Both Mexico and the United States now have nationalist, populist, inexperienced leaders who believe current political alignments within their own countries as well as the broader geopolitical context are designed to cheat their people. Both regularly make political hay by demonizing those on the other side of the border.

With the entire global Order breaking down, and me – repeatedly – noting that the U.S. will not simply emerge broadly ok, but will be able to dictate the shape of the future, it is tempting to say the same will be the case with degraded American-Mexican relations. But this isn’t like American-French relations where the bickering is good fun. This really matters.

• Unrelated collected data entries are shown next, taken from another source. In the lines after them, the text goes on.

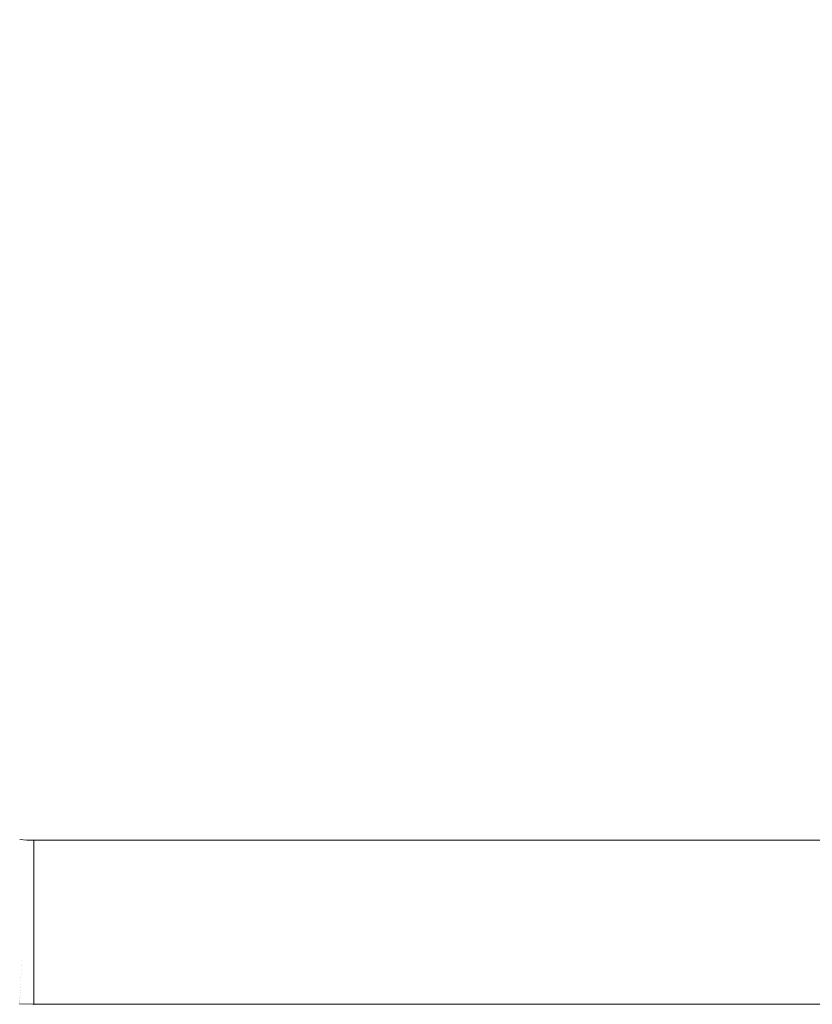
# Model space of a CAD drawing. Header units: centimetres. Extents: x -26 to 27.3, y -25.3 to -23.5.
# Tile 86 of 221: x -7.926 to -7.443, y -24.96 to -24.36. Entities that reach past the tile are written whole.
import ezdxf

# ---------------------------------------------------------------- set-up
doc = ezdxf.new("R2010")
doc.units = ezdxf.units.CM
doc.header["$LTSCALE"] = 2.54
doc.layers.add('Lucido design-1', color=7, linetype='Continuous')

# ---------------------------------------------------------------- blocks, each defined once
blk = doc.blocks.new('Gruppo-4-1')
at = {"color": 7, "linetype": 'Continuous', "lineweight": 9}
blk.add_3dface([(-25.91748, -23.55989, 1050.42206), (-25.91748, -25.15989, 1050.42206), (27.18252, -25.15989, 1050.42206), (27.18252, -23.55989, 1050.42206)], dxfattribs=at)
for points, invisible_edges in [([(-8.01748, -23.55989, 1050.02206), (9.28252, -23.55989, 1050.02206), (9.18252, -24.85989, 1050.02206), (-7.91748, -24.85989, 1050.02206)], 10), ([(-8.01748, -24.75989, 1050.02206), (-8.01748, -23.55989, 1050.02206), (-7.91748, -24.85989, 1050.02206)], 10), ([(-8.01748, -24.75989, 1050.02206), (-7.92184, -24.85979, 1050.02206), (-7.9262, -24.85951, 1050.02206)], 9), ([(-8.01748, -24.75989, 1050.02206), (-7.91748, -24.85989, 1050.02206), (-7.92184, -24.85979, 1050.02206)], 9), ([(-7.9222, -24.86791, 1050.02172), (-7.92691, -24.8676, 1050.02172), (-7.92654, -24.86341, 1050.02198), (-7.92202, -24.86371, 1050.02198)], 15), ([(-7.92202, -24.86371, 1050.02198), (-7.92654, -24.86341, 1050.02198), (-7.9262, -24.85951, 1050.02206), (-7.92184, -24.85979, 1050.02206)], 11), ([(-7.91748, -24.86413, 1050.02196), (-7.91748, -24.86801, 1050.02172), (-7.9222, -24.86791, 1050.02172), (-7.92202, -24.86371, 1050.02198)], 14), ([(-7.91748, -24.86381, 1050.02198), (-7.92202, -24.86371, 1050.02198), (-7.92184, -24.85979, 1050.02206), (-7.91748, -24.85989, 1050.02206)], 3), ([(-7.92202, -24.86371, 1050.02198), (-7.91748, -24.86381, 1050.02198), (-7.91748, -24.86413, 1050.02196)], 9), ([(-7.91748, -24.86381, 1050.02198), (-7.91748, -24.85989, 1050.02206), (9.18252, -24.85989, 1050.02206), (9.18252, -24.86381, 1050.02198)], 8), ([(9.18252, -24.86381, 1050.02198), (9.18252, -24.86413, 1050.02196), (-7.91748, -24.86413, 1050.02196), (-7.91748, -24.86381, 1050.02198)], 10), ([(-7.92238, -24.87209, 1050.02129), (-7.92727, -24.87177, 1050.02129), (-7.92691, -24.8676, 1050.02172), (-7.9222, -24.86791, 1050.02172)], 15), ([(-7.91748, -24.86837, 1050.02169), (-7.91748, -24.8722, 1050.02129), (-7.92238, -24.87209, 1050.02129), (-7.9222, -24.86791, 1050.02172)], 14), ([(-7.9222, -24.86791, 1050.02172), (-7.91748, -24.86801, 1050.02172), (-7.91748, -24.86837, 1050.02169)], 9), ([(-7.91748, -24.86801, 1050.02172), (-7.91748, -24.86413, 1050.02196), (9.18252, -24.86413, 1050.02196), (9.18252, -24.86801, 1050.02172)], 10), ([(9.18252, -24.86801, 1050.02172), (9.18252, -24.86837, 1050.02169), (-7.91748, -24.86837, 1050.02169), (-7.91748, -24.86801, 1050.02172)], 10), ([(-7.91748, -24.8722, 1050.02129), (-7.91748, -24.86837, 1050.02169), (9.18252, -24.86837, 1050.02169), (9.18252, -24.8722, 1050.02129)], 10), ([(-7.92274, -24.88038, 1050.01991), (-7.92799, -24.88003, 1050.01991), (-7.92763, -24.87592, 1050.02069), (-7.92256, -24.87625, 1050.02069)], 15), ([(-7.92256, -24.87625, 1050.02069), (-7.92763, -24.87592, 1050.02069), (-7.92727, -24.87177, 1050.02129), (-7.92238, -24.87209, 1050.02129)], 15), ([(-7.91748, -24.87259, 1050.02124), (-7.91748, -24.87636, 1050.02069), (-7.92256, -24.87625, 1050.02069), (-7.92238, -24.87209, 1050.02129)], 14), ([(-7.92238, -24.87209, 1050.02129), (-7.91748, -24.8722, 1050.02129), (-7.91748, -24.87259, 1050.02124)], 9), ([(9.18252, -24.8722, 1050.02129), (9.18252, -24.87259, 1050.02124), (-7.91748, -24.87259, 1050.02124), (-7.91748, -24.8722, 1050.02129)], 10), ([(-7.91748, -24.87636, 1050.02069), (-7.91748, -24.87259, 1050.02124), (9.18252, -24.87259, 1050.02124), (9.18252, -24.87636, 1050.02069)], 10), ([(-7.92292, -24.88446, 1050.01896), (-7.92835, -24.8841, 1050.01896), (-7.92799, -24.88003, 1050.01991), (-7.92274, -24.88038, 1050.01991)], 15), ([(-7.91748, -24.88095, 1050.0198), (-7.91748, -24.88458, 1050.01896), (-7.92292, -24.88446, 1050.01896), (-7.92274, -24.88038, 1050.01991)], 14), ([(-7.91748, -24.87679, 1050.02061), (-7.91748, -24.88049, 1050.01991), (-7.92274, -24.88038, 1050.01991), (-7.92256, -24.87625, 1050.02069)], 14), ([(-7.92274, -24.88038, 1050.01991), (-7.91748, -24.88049, 1050.01991), (-7.91748, -24.88095, 1050.0198)], 9), ([(-7.92256, -24.87625, 1050.02069), (-7.91748, -24.87636, 1050.02069), (-7.91748, -24.87679, 1050.02061)], 9), ([(9.18252, -24.87636, 1050.02069), (9.18252, -24.87679, 1050.02061), (-7.91748, -24.87679, 1050.02061), (-7.91748, -24.87636, 1050.02069)], 10), ([(-7.91748, -24.88049, 1050.01991), (-7.91748, -24.87679, 1050.02061), (9.18252, -24.87679, 1050.02061), (9.18252, -24.88049, 1050.01991)], 10), ([(9.18252, -24.88049, 1050.01991), (9.18252, -24.88095, 1050.0198), (-7.91748, -24.88095, 1050.0198), (-7.91748, -24.88049, 1050.01991)], 10), ([(-7.91748, -24.88458, 1050.01896), (-7.91748, -24.88095, 1050.0198), (9.18252, -24.88095, 1050.0198), (9.18252, -24.88458, 1050.01896)], 10), ([(-7.9231, -24.8885, 1050.01784), (-7.9287, -24.88813, 1050.01784), (-7.92835, -24.8841, 1050.01896), (-7.92292, -24.88446, 1050.01896)], 15), ([(-7.91748, -24.88508, 1050.01882), (-7.91748, -24.88862, 1050.01784), (-7.9231, -24.8885, 1050.01784), (-7.92292, -24.88446, 1050.01896)], 14), ([(-7.92292, -24.88446, 1050.01896), (-7.91748, -24.88458, 1050.01896), (-7.91748, -24.88508, 1050.01882)], 9), ([(9.18252, -24.88458, 1050.01896), (9.18252, -24.88508, 1050.01882), (-7.91748, -24.88508, 1050.01882), (-7.91748, -24.88458, 1050.01896)], 10), ([(-7.91748, -24.88862, 1050.01784), (-7.91748, -24.88508, 1050.01882), (9.18252, -24.88508, 1050.01882), (9.18252, -24.88862, 1050.01784)], 10), ([(-7.92344, -24.8964, 1050.0151), (-7.92939, -24.89601, 1050.0151), (-7.92905, -24.8921, 1050.01655), (-7.92327, -24.89248, 1050.01655)], 15), ([(-7.92327, -24.89248, 1050.01655), (-7.92905, -24.8921, 1050.01655), (-7.9287, -24.88813, 1050.01784), (-7.9231, -24.8885, 1050.01784)], 15), ([(-7.91748, -24.8932, 1050.01633), (-7.91748, -24.89653, 1050.0151), (-7.92344, -24.8964, 1050.0151), (-7.92327, -24.89248, 1050.01655)], 14), ([(-7.91748, -24.88917, 1050.01766), (-7.91748, -24.8926, 1050.01655), (-7.92327, -24.89248, 1050.01655), (-7.9231, -24.8885, 1050.01784)], 14), ([(-7.92327, -24.89248, 1050.01655), (-7.91748, -24.8926, 1050.01655), (-7.91748, -24.8932, 1050.01633)], 9), ([(-7.9231, -24.8885, 1050.01784), (-7.91748, -24.88862, 1050.01784), (-7.91748, -24.88917, 1050.01766)], 9), ([(9.18252, -24.88862, 1050.01784), (9.18252, -24.88917, 1050.01766), (-7.91748, -24.88917, 1050.01766), (-7.91748, -24.88862, 1050.01784)], 10), ([(-7.91748, -24.8926, 1050.01655), (-7.91748, -24.88917, 1050.01766), (9.18252, -24.88917, 1050.01766), (9.18252, -24.8926, 1050.01655)], 10), ([(9.18252, -24.8926, 1050.01655), (9.18252, -24.8932, 1050.01633), (-7.91748, -24.8932, 1050.01633), (-7.91748, -24.8926, 1050.01655)], 10), ([(-7.91748, -24.89653, 1050.0151), (-7.91748, -24.8932, 1050.01633), (9.18252, -24.8932, 1050.01633), (9.18252, -24.89653, 1050.0151)], 10), ([(-7.92378, -24.90403, 1050.01172), (-7.93006, -24.90362, 1050.01172), (-7.92973, -24.89985, 1050.01349), (-7.92361, -24.90025, 1050.01349)], 15), ([(-7.92361, -24.90025, 1050.01349), (-7.92973, -24.89985, 1050.01349), (-7.92939, -24.89601, 1050.0151), (-7.92344, -24.8964, 1050.0151)], 15), ([(-7.91748, -24.89717, 1050.01483), (-7.91748, -24.90039, 1050.01349), (-7.92361, -24.90025, 1050.01349), (-7.92344, -24.8964, 1050.0151)], 14), ([(-7.92344, -24.8964, 1050.0151), (-7.91748, -24.89653, 1050.0151), (-7.91748, -24.89717, 1050.01483)], 9), ([(9.18252, -24.89653, 1050.0151), (9.18252, -24.89717, 1050.01483), (-7.91748, -24.89717, 1050.01483), (-7.91748, -24.89653, 1050.0151)], 10), ([(-7.91748, -24.90039, 1050.01349), (-7.91748, -24.89717, 1050.01483), (9.18252, -24.89717, 1050.01483), (9.18252, -24.90039, 1050.01349)], 10), ([(-7.92394, -24.90773, 1050.00979), (-7.93038, -24.90731, 1050.00979), (-7.93006, -24.90362, 1050.01172), (-7.92378, -24.90403, 1050.01172)], 15), ([(-7.91748, -24.9049, 1050.01134), (-7.91748, -24.90787, 1050.00979), (-7.92394, -24.90773, 1050.00979), (-7.92378, -24.90403, 1050.01172)], 14), ([(-7.91748, -24.90107, 1050.01317), (-7.91748, -24.90417, 1050.01172), (-7.92378, -24.90403, 1050.01172), (-7.92361, -24.90025, 1050.01349)], 14), ([(-7.92378, -24.90403, 1050.01172), (-7.91748, -24.90417, 1050.01172), (-7.91748, -24.9049, 1050.01134)], 9), ([(-7.92361, -24.90025, 1050.01349), (-7.91748, -24.90039, 1050.01349), (-7.91748, -24.90107, 1050.01317)], 9), ([(9.18252, -24.90039, 1050.01349), (9.18252, -24.90107, 1050.01317), (-7.91748, -24.90107, 1050.01317), (-7.91748, -24.90039, 1050.01349)], 10), ([(-7.91748, -24.90417, 1050.01172), (-7.91748, -24.90107, 1050.01317), (9.18252, -24.90107, 1050.01317), (9.18252, -24.90417, 1050.01172)], 10), ([(9.18252, -24.90417, 1050.01172), (9.18252, -24.9049, 1050.01134), (-7.91748, -24.9049, 1050.01134), (-7.91748, -24.90417, 1050.01172)], 10), ([(-7.91748, -24.90787, 1050.00979), (-7.91748, -24.9049, 1050.01134), (9.18252, -24.9049, 1050.01134), (9.18252, -24.90787, 1050.00979)], 10), ([(-7.92425, -24.91486, 1050.00549), (-7.931, -24.91442, 1050.00549), (-7.93069, -24.91091, 1050.00771), (-7.92409, -24.91134, 1050.00771)], 15), ([(-7.92409, -24.91134, 1050.00771), (-7.93069, -24.91091, 1050.00771), (-7.93038, -24.90731, 1050.00979), (-7.92394, -24.90773, 1050.00979)], 15), ([(-7.91748, -24.91231, 1050.0072), (-7.91748, -24.91501, 1050.00549), (-7.92425, -24.91486, 1050.00549), (-7.92409, -24.91134, 1050.00771)], 14), ([(-7.91748, -24.90865, 1050.00934), (-7.91748, -24.91149, 1050.00771), (-7.92409, -24.91134, 1050.00771), (-7.92394, -24.90773, 1050.00979)], 14), ([(-7.92409, -24.91134, 1050.00771), (-7.91748, -24.91149, 1050.00771), (-7.91748, -24.91231, 1050.0072)], 9), ([(-7.92394, -24.90773, 1050.00979), (-7.91748, -24.90787, 1050.00979), (-7.91748, -24.90865, 1050.00934)], 9), ([(9.18252, -24.90787, 1050.00979), (9.18252, -24.90865, 1050.00934), (-7.91748, -24.90865, 1050.00934), (-7.91748, -24.90787, 1050.00979)], 10), ([(-7.91748, -24.91149, 1050.00771), (-7.91748, -24.90865, 1050.00934), (9.18252, -24.90865, 1050.00934), (9.18252, -24.91149, 1050.00771)], 10), ([(9.18252, -24.91149, 1050.00771), (9.18252, -24.91231, 1050.0072), (-7.91748, -24.91231, 1050.0072), (-7.91748, -24.91149, 1050.00771)], 10), ([(-7.92454, -24.9216, 1050.00062), (-7.93159, -24.92114, 1050.00062), (-7.9313, -24.91783, 1050.00312), (-7.9244, -24.91828, 1050.00312)], 15), ([(-7.9244, -24.91828, 1050.00312), (-7.9313, -24.91783, 1050.00312), (-7.931, -24.91442, 1050.00549), (-7.92425, -24.91486, 1050.00549)], 15), ([(-7.91748, -24.91588, 1050.00489), (-7.91748, -24.91844, 1050.00312), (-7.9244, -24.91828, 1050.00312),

Spanish is America’s second-most common language; English is in the second slot in Mexico. Family connections across the border are the most robust in the hemisphere. Based on how you run the numbers, Mexico is either America’s top or second-largest economic relationship – a position that will hold regardless of what happens with the global Order or NAFTA. This economic relationship isn’t simply trade – this is integrated supply chains with products crossing the border multiple times. Retooling to adjust could be done, but it would take at least three years. Most important, Mexico borders the United States. Trouble in bilateral relations are not a world away, but right next door.

NAFTA may have its faults, but its economic success in Mexico has made net Mexican migration to the U.S. negative for a decade because it gives Mexicans jobs. Smash the agreements that employ Mexicans, and two results among many will be vast increases in drug flows and illegal migration as Mexicans find it harder to find a 9-to-5. A wall would only encourage such behavior.

Hostility between the United States and Mexico impacts immigration, trade, financial stability, supply chains, manufacturing attractiveness, wealth levels, drug policy, water rights, agricultural markets, the works. If there is one country the Americans need to have a productive relationship with, it is Mexico. Texas is particularly vulnerable to everything that could potentially go wrong.

I’ve no doubt that the United States – under any president – can “handle” Mexico. But Mexico isn’t Paraguay. Mexico has 130 million people and is a $1 trillion economy. Whatever shape this and future administrations beat relations into will take time and effort. Time and effort that would be better spent on locations where partnership is not the best (and easiest) option.

Yet, unfortunately, for now all we can do is wait and watch. Both Trump and López Obrador are famous for their unwillingness to take advice from anyone. And for the next five months López Obrador has a lot of free time on his hands to play on Twitter with his American counterpart.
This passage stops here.